One area where significant progress has been made is in online microbiological monitoring. There are a host of technologies on the market today. Some automate well-known methods like ATP testing. Others utilize dyes like erythrosine and a limited-data, optical calibration curve, or an electrochemical measurement method. While these devices can provide some directional information based on bulk water readings, with microbiological control, the most important factor is understanding biofilm growth and its impact on heat exchange. The most capable and accurate real-time devices use a heated surface with flowing cooling water to mimic the operating conditions and measure biofilm growth.
Complimenting online microbiological monitoring are advancements in Legionella monitoring. Legionella is a dangerous organism in cooling water applications that can lead to legionellosis or Legionnaires’ disease if it is not controlled. Businesses have been shut down for extended periods due to the COVID-19 pandemic while leaving water systems idle, creating the perfect environment for Legionella bacteria to grow.
Fast, accurate, and portable DNA analysis for Legionella is now available. Instead of waiting days for incubation and laboratory analysis, users can have an accurate, on-site analysis completed during a service visit to confirm that Legionella is under control.
Questions to consider asking your supplier:
- Do your monitoring technologies utilize a heated surface that mimics operating conditions and can provide real-time trends online?
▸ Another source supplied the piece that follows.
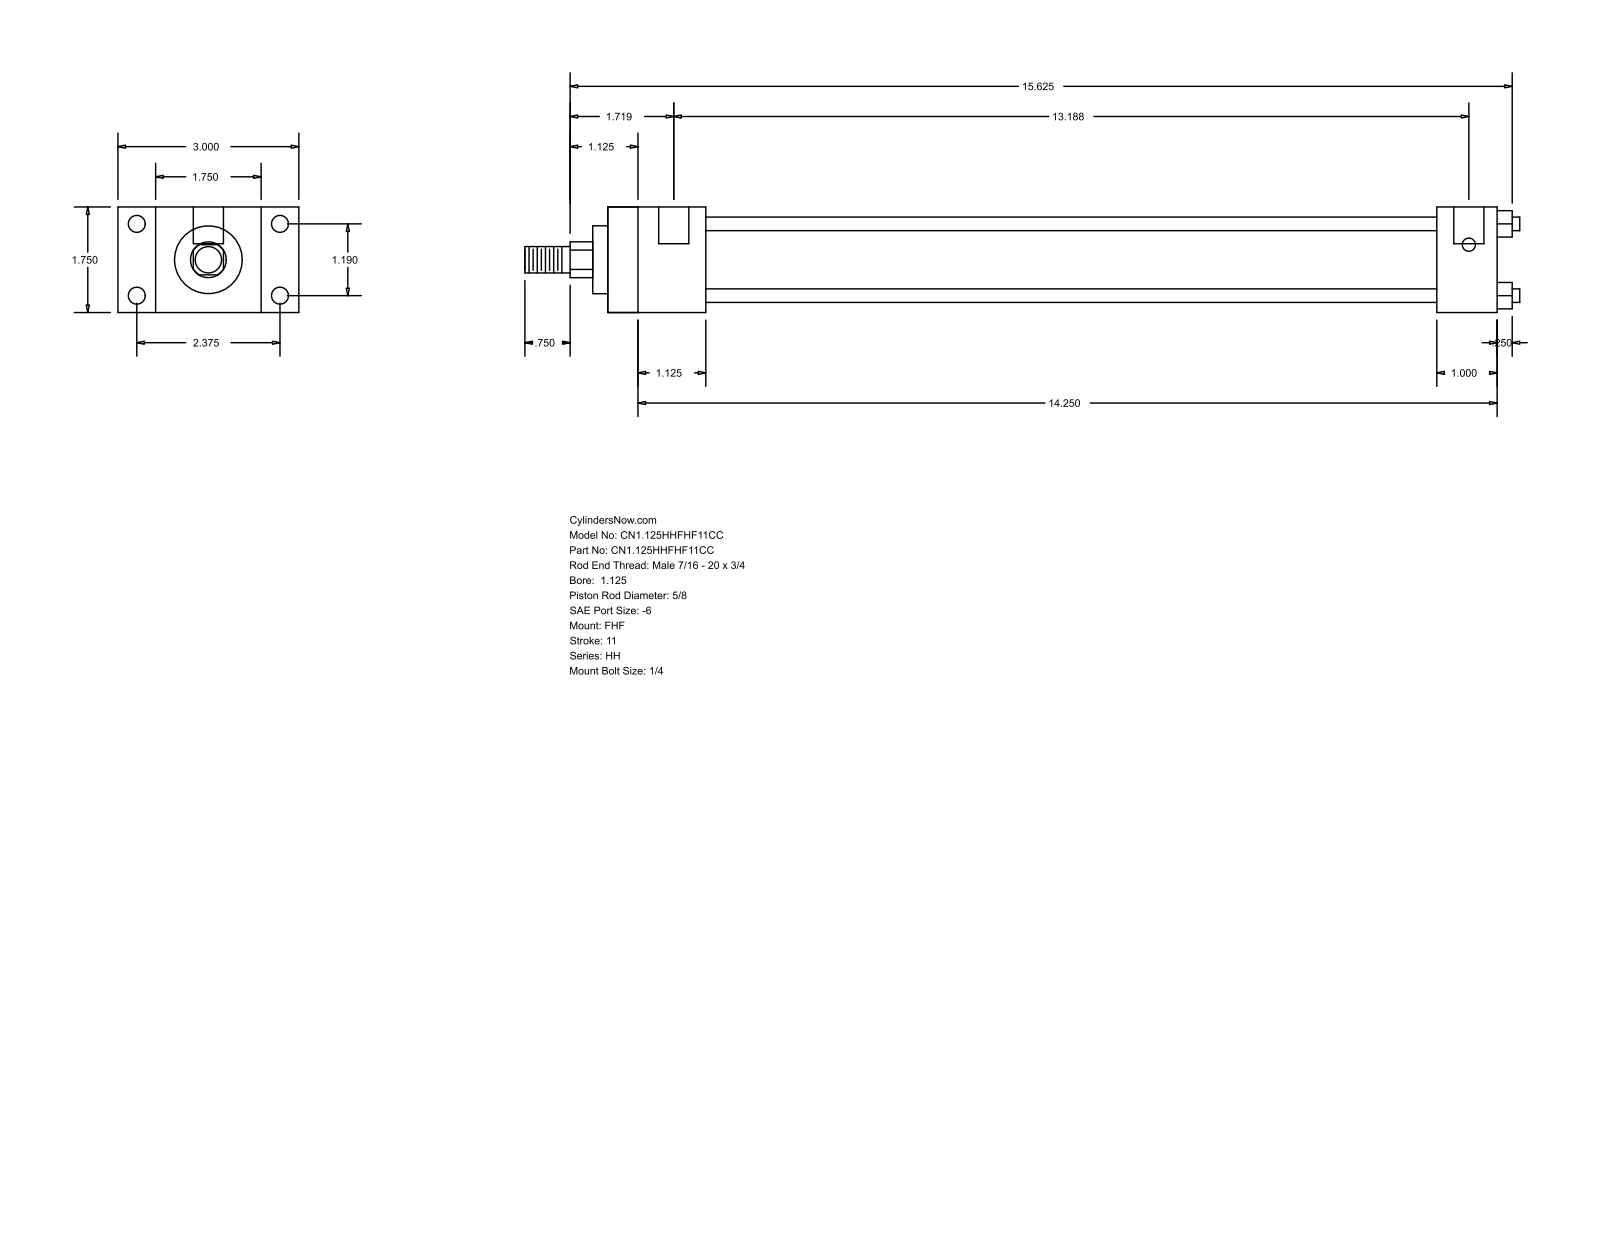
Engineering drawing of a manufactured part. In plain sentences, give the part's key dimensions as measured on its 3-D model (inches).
The part is named "HH_FHF__0112_0.625". Its 3-D file was written by "GSSL Pune (CONFIG_CONTROL_DESIGN)". It is 0 solids with 88 faces: 60 planar, 28 cylindrical and 0 other. Overall it measures 16.5 by 3 by 1.75 inches. Round holes: 4 of diameter 0.219, 4 of diameter 0.281, 2 of diameter 0.5. Round bosses or shafts: 4 of diameter 0.225, 1 of diameter 1.375, 1 of diameter 1.125, 1 of diameter 0.625, 1 of diameter 0.437. Partial cylindrical surfaces (rounded edges, fillets, slot ends): 1 of radius 0.297. The main face-to-face distances are 1.75, 0.625, 2.375, 1.625, 3, 14.75, 13.125, 1, 13.75, 12.125. The hole center spacings are 1.19, 2.375, 2.656, 13.063, 0.125, 13.187.

- Can you provide on-site, DNA-based Legionella testing during service visits?
Insightful Analytics. You have a great chemical treatment program. You regularly test and capture chemical parameters. You have implemented real-time monitoring of deposition, corrosion and microbiological growth. Now, what do you do with all that information?
With all of the data being pushed to and cataloged in the cloud, it is now possible to analyze it in ways that were never available previously. Fast, powerful analytics can provide valuable information and insights to facilities. Everything from simple product calculations to complex condenser efficiency monitoring and predictive modeling of process applications can be handled with cloud-based analytics. These tools offer suppliers the ability to deliver a higher level of service consistency even with personnel challenges. They also provide facility operators the ability to modify operations to maximize production, profitability and reliability with minimal manpower input.